• **RECORDS FOR PROCESSING**:
****

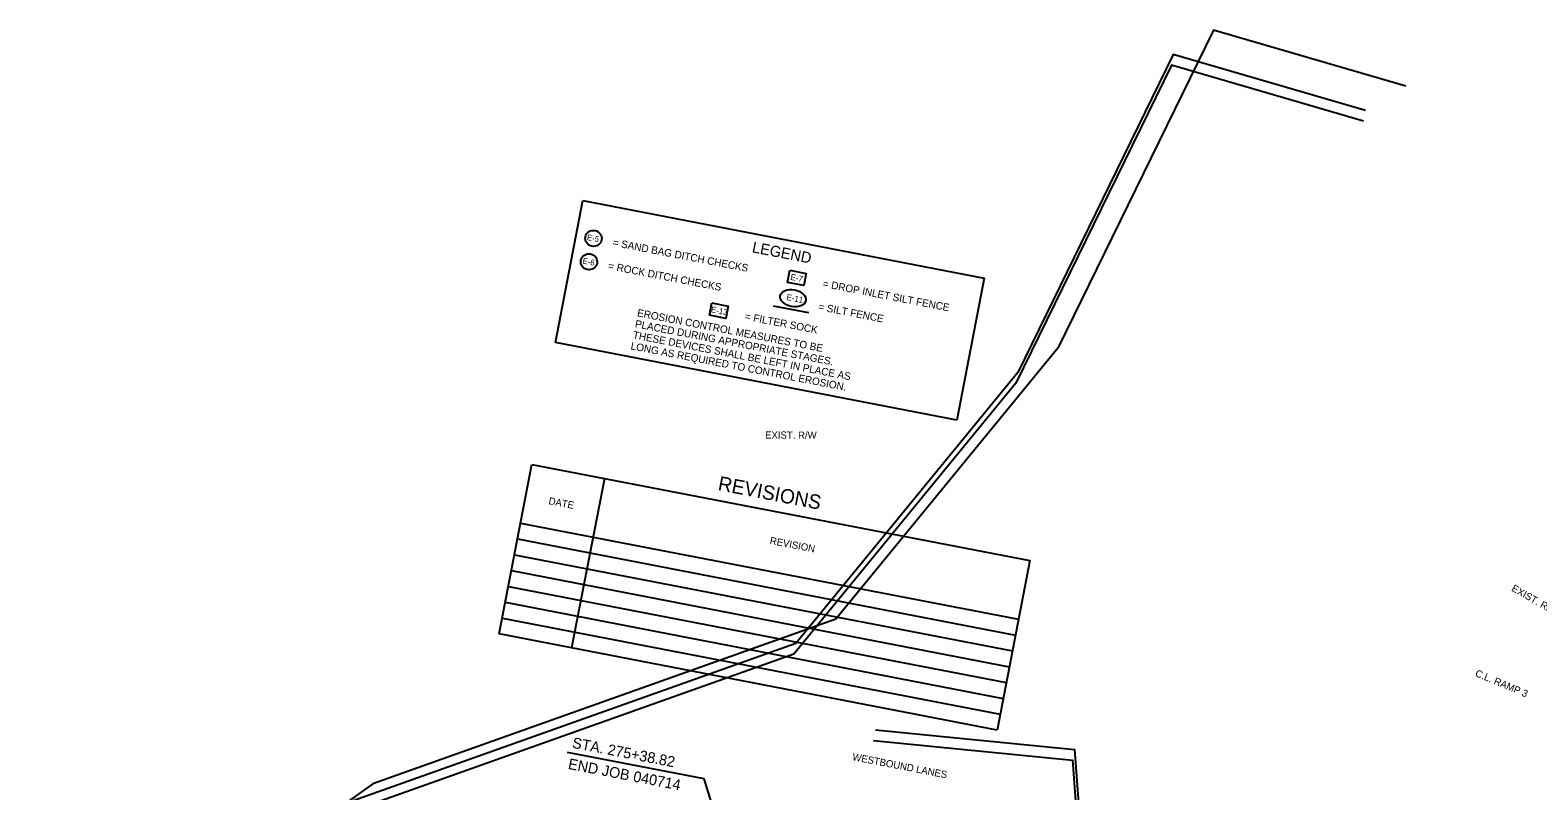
# Model space of a CAD drawing. Extents: x 605579 to 613541, y 415511 to 420599.
# Drawn here: x 609780 to 611043, y 419627 to 420265 of the extents above; entities that cross this region are included whole.
import ezdxf

# ---------------------------------------------------------------- set-up
doc = ezdxf.new("R2010")
doc.units = 0
for name, color, linetype in [('Default', 7, 'Continuous'), ('R_Curb', 7, 'Continuous'), ('R_Draft', 7, 'Continuous'), ('R_Slope Break', 7, 'Continuous'), ('R_Subgrade', 7, 'Continuous'), ('X_Phi Angle_SB', 7, 'Continuous')]:
    doc.layers.add(name, color=color, linetype=linetype)

msp = doc.modelspace()

# ---------------------------------------------------------------- linework, layer by layer
at = {"layer": 'R_Curb'}
msp.add_lwpolyline([(610402.2, 420033.9), (610431.8, 420028.2)], dxfattribs=at)
at = {"layer": 'R_Draft'}
for points in [[(610932.4, 420217.9), (610771.3, 420264.7), (610641, 419998.4)], [(610898.7, 420197.5), (610737.6, 420244.3), (610607.3, 419977.9)], [(610897.1, 420188.6), (610736, 420235.4), (610605.7, 419969.1)], [(610641, 419998.4), (610454.9, 419771.3), (610066.7, 419633.4)], [(610607.3, 419977.9), (610421.2, 419750.9), (610033, 419613)], [(610605.7, 419969.1), (610419.6, 419742), (610031.4, 419604.1)], [(610488, 419678.5), (610654.8, 419662.1), (610676.8, 419366.3)], [(610358.7, 419591.5), (610344.5, 419637.5), (610230, 419659.6)], [(610486.3, 419669.7), (610653.1, 419653.2), (610675, 419357.5)], [(610066.7, 419633.4), (609717.8, 419384.7), (608824.5, 418467.8)]]:
    msp.add_lwpolyline(points, dxfattribs=at)
at = {"layer": 'R_Slope Break'}
for p, q in [((610219.8, 420003.1), (610242.8, 420121.9)), ((610242.8, 420121.9), (610579.2, 420057)), ((610579.2, 420057), (610556.3, 419938.1)), ((610556.3, 419938.1), (610219.8, 420003.1)), ((610172.7, 419759), (610200.1, 419900.8)), ((610200.1, 419900.8), (610617.4, 419820.3)), ((610260.8, 419889.1), (610233.4, 419747.3)), ((610190.6, 419851.8), (610607.9, 419771.2)), ((610188.1, 419838.5), (610605.4, 419757.9)), ((610185.5, 419825.2), (610602.8, 419744.7)), ((610182.9, 419812), (610600.2, 419731.4)), ((610182.9, 419812), (610600.2, 419731.4)), ((610617.4, 419820.3), (610590, 419678.4)), ((610180.4, 419798.7), (610597.7, 419718.2)), ((610177.8, 419785.5), (610595.1, 419704.9)), ((610175.3, 419772.2), (610592.6, 419691.7)), ((610590, 419678.4), (610172.7, 419759))]:
    msp.add_line(p, q, dxfattribs=at)
for points in [[(610416.2, 420063.6), (610429.9, 420061), (610427.9, 420050.7), (610414.2, 420053.3)], [(610350.8, 420036.2), (610364.6, 420033.5), (610362.6, 420023.2), (610348.8, 420025.9)]]:
    msp.add_lwpolyline(points, close=True, dxfattribs=at)
for centre, major_axis, ratio in [((610251.7, 420090.3), (-6.76, 1.31), 0.97521), ((610247.9, 420070.7), (-6.76, 1.31), 0.97521), ((610418.9, 420040.2), (10.8, -2.1), 0.638788)]:
    msp.add_ellipse(centre, major_axis=major_axis, ratio=ratio, dxfattribs=at)

# ---------------------------------------------------------------- texts
at = {"layer": 'Default'}
msp.add_text('C.L. RAMP 3', height=6, rotation=337.1403, dxfattribs=at).set_placement((610990.1, 419723.8))
at = {"layer": 'R_Draft'}
for s, height, rotation, p in [('STA. 275+38.82', 9, 349.0919, (610233.3, 419663.6)), ('WESTBOUND LANES', 6, 349.0745, (610468.3, 419653.2)), ('END JOB 040714', 9, 349.0745, (610229.9, 419645.9))]:
    msp.add_text(s, height=height, rotation=rotation, dxfattribs=at).set_placement(p)
at = {"layer": 'R_Slope Break'}
for s, height, rotation, p in [('E-5', 4.88, 349.0745, (610245.9, 420089)), ('= SAND BAG DITCH CHECKS', 6.25, 349.0745, (610267.4, 420084.1)), ('LEGEND', 9.14, 349.0745, (610384.1, 420078.7)), ('E-6', 4.88, 349.0745, (610242.2, 420069.3)), ('= ROCK DITCH CHECKS', 6.25, 349.0745, (610263.6, 420064.5)), ('E-7', 5, 348.6922, (610416.4, 420055.7)), ('E-11', 5, 349.0745, (610413.1, 420038.8)), ('EROSION CONTROL MEASURES TO BE', 6.25, 349.0745, (610287.9, 420025.1)), ('E-13', 5, 348.6922, (610349.8, 420028.5)), ('THESE DEVICES SHALL BE LEFT IN PLACE AS ', 6.25, 349.0745, (610284.3, 420006.6)), ('PLACED DURING APPROPRIATE STAGES. ', 6.25, 349.0745, (610286.1, 420015.9)), ('LONG AS REQUIRED TO CONTROL EROSION.', 6.25, 349.0745, (610282.5, 419997.4)), ('REVISIONS', 12, 349.0745, (610355.4, 419879.5)), ('DATE', 6, 349.0745, (610213.7, 419867.7)), ('REVISION', 6, 349.0745, (610399.1, 419834.4))]:
    msp.add_text(s, height=height, rotation=rotation, dxfattribs=at).set_placement(p)
at = {"layer": 'R_Subgrade'}
for rotation, p in [(359.735, (610395.5, 419922.6)), (330.3043, (611020.5, 419795.4))]:
    msp.add_text('EXIST. R/W', height=6, rotation=rotation, dxfattribs=at).set_placement(p)
at = {"layer": 'X_Phi Angle_SB'}
for s, p in [('= DROP INLET SILT FENCE', (610443.4, 420049.6)), ('= FILTER SOCK', (610378.1, 420022.2)), ('= SILT FENCE', (610439.7, 420030.3))]:
    msp.add_text(s, height=6.25, rotation=349.0745, dxfattribs=at).set_placement(p)

doc.saveas('drawing.dxf')

****

• **EXERCISE AIM**:
Retype each record exactly as it appears above and drop the images.

• **WRITTEN ANSWER**:
# Model space of a CAD drawing. Extents: x 605579 to 613541, y 415511 to 420599.
# Drawn here: x 609780 to 611043, y 419627 to 420265 of the extents above; entities that cross this region are included whole.
import ezdxf

# ---------------------------------------------------------------- set-up
doc = ezdxf.new("R2010")
doc.units = 0
for name, color, linetype in [('Default', 7, 'Continuous'), ('R_Curb', 7, 'Continuous'), ('R_Draft', 7, 'Continuous'), ('R_Slope Break', 7, 'Continuous'), ('R_Subgrade', 7, 'Continuous'), ('X_Phi Angle_SB', 7, 'Continuous')]:
    doc.layers.add(name, color=color, linetype=linetype)

msp = doc.modelspace()

# ---------------------------------------------------------------- linework, layer by layer
at = {"layer": 'R_Curb'}
msp.add_lwpolyline([(610402.2, 420033.9), (610431.8, 420028.2)], dxfattribs=at)
at = {"layer": 'R_Draft'}
for points in [[(610932.4, 420217.9), (610771.3, 420264.7), (610641, 419998.4)], [(610898.7, 420197.5), (610737.6, 420244.3), (610607.3, 419977.9)], [(610897.1, 420188.6), (610736, 420235.4), (610605.7, 419969.1)], [(610641, 419998.4), (610454.9, 419771.3), (610066.7, 419633.4)], [(610607.3, 419977.9), (610421.2, 419750.9), (610033, 419613)], [(610605.7, 419969.1), (610419.6, 419742), (610031.4, 419604.1)], [(610488, 419678.5), (610654.8, 419662.1), (610676.8, 419366.3)], [(610358.7, 419591.5), (610344.5, 419637.5), (610230, 419659.6)], [(610486.3, 419669.7), (610653.1, 419653.2), (610675, 419357.5)], [(610066.7, 419633.4), (609717.8, 419384.7), (608824.5, 418467.8)]]:
    msp.add_lwpolyline(points, dxfattribs=at)
at = {"layer": 'R_Slope Break'}
for p, q in [((610219.8, 420003.1), (610242.8, 420121.9)), ((610242.8, 420121.9), (610579.2, 420057)), ((610579.2, 420057), (610556.3, 419938.1)), ((610556.3, 419938.1), (610219.8, 420003.1)), ((610172.7, 419759), (610200.1, 419900.8)), ((610200.1, 419900.8), (610617.4, 419820.3)), ((610260.8, 419889.1), (610233.4, 419747.3)), ((610190.6, 419851.8), (610607.9, 419771.2)), ((610188.1, 419838.5), (610605.4, 419757.9)), ((610185.5, 419825.2), (610602.8, 419744.7)), ((610182.9, 419812), (610600.2, 419731.4)), ((610182.9, 419812), (610600.2, 419731.4)), ((610617.4, 419820.3), (610590, 419678.4)), ((610180.4, 419798.7), (610597.7, 419718.2)), ((610177.8, 419785.5), (610595.1, 419704.9)), ((610175.3, 419772.2), (610592.6, 419691.7)), ((610590, 419678.4), (610172.7, 419759))]:
    msp.add_line(p, q, dxfattribs=at)
for points in [[(610416.2, 420063.6), (610429.9, 420061), (610427.9, 420050.7), (610414.2, 420053.3)], [(610350.8, 420036.2), (610364.6, 420033.5), (610362.6, 420023.2), (610348.8, 420025.9)]]:
    msp.add_lwpolyline(points, close=True, dxfattribs=at)
for centre, major_axis, ratio in [((610251.7, 420090.3), (-6.76, 1.31), 0.97521), ((610247.9, 420070.7), (-6.76, 1.31), 0.97521), ((610418.9, 420040.2), (10.8, -2.1), 0.638788)]:
    msp.add_ellipse(centre, major_axis=major_axis, ratio=ratio, dxfattribs=at)

# ---------------------------------------------------------------- texts
at = {"layer": 'Default'}
msp.add_text('C.L. RAMP 3', height=6, rotation=337.1403, dxfattribs=at).set_placement((610990.1, 419723.8))
at = {"layer": 'R_Draft'}
for s, height, rotation, p in [('STA. 275+38.82', 9, 349.0919, (610233.3, 419663.6)), ('WESTBOUND LANES', 6, 349.0745, (610468.3, 419653.2)), ('END JOB 040714', 9, 349.0745, (610229.9, 419645.9))]:
    msp.add_text(s, height=height, rotation=rotation, dxfattribs=at).set_placement(p)
at = {"layer": 'R_Slope Break'}
for s, height, rotation, p in [('E-5', 4.88, 349.0745, (610245.9, 420089)), ('= SAND BAG DITCH CHECKS', 6.25, 349.0745, (610267.4, 420084.1)), ('LEGEND', 9.14, 349.0745, (610384.1, 420078.7)), ('E-6', 4.88, 349.0745, (610242.2, 420069.3)), ('= ROCK DITCH CHECKS', 6.25, 349.0745, (610263.6, 420064.5)), ('E-7', 5, 348.6922, (610416.4, 420055.7)), ('E-11', 5, 349.0745, (610413.1, 420038.8)), ('EROSION CONTROL MEASURES TO BE', 6.25, 349.0745, (610287.9, 420025.1)), ('E-13', 5, 348.6922, (610349.8, 420028.5)), ('THESE DEVICES SHALL BE LEFT IN PLACE AS ', 6.25, 349.0745, (610284.3, 420006.6)), ('PLACED DURING APPROPRIATE STAGES. ', 6.25, 349.0745, (610286.1, 420015.9)), ('LONG AS REQUIRED TO CONTROL EROSION.', 6.25, 349.0745, (610282.5, 419997.4)), ('REVISIONS', 12, 349.0745, (610355.4, 419879.5)), ('DATE', 6, 349.0745, (610213.7, 419867.7)), ('REVISION', 6, 349.0745, (610399.1, 419834.4))]:
    msp.add_text(s, height=height, rotation=rotation, dxfattribs=at).set_placement(p)
at = {"layer": 'R_Subgrade'}
for rotation, p in [(359.735, (610395.5, 419922.6)), (330.3043, (611020.5, 419795.4))]:
    msp.add_text('EXIST. R/W', height=6, rotation=rotation, dxfattribs=at).set_placement(p)
at = {"layer": 'X_Phi Angle_SB'}
for s, p in [('= DROP INLET SILT FENCE', (610443.4, 420049.6)), ('= FILTER SOCK', (610378.1, 420022.2)), ('= SILT FENCE', (610439.7, 420030.3))]:
    msp.add_text(s, height=6.25, rotation=349.0745, dxfattribs=at).set_placement(p)

doc.saveas('drawing.dxf')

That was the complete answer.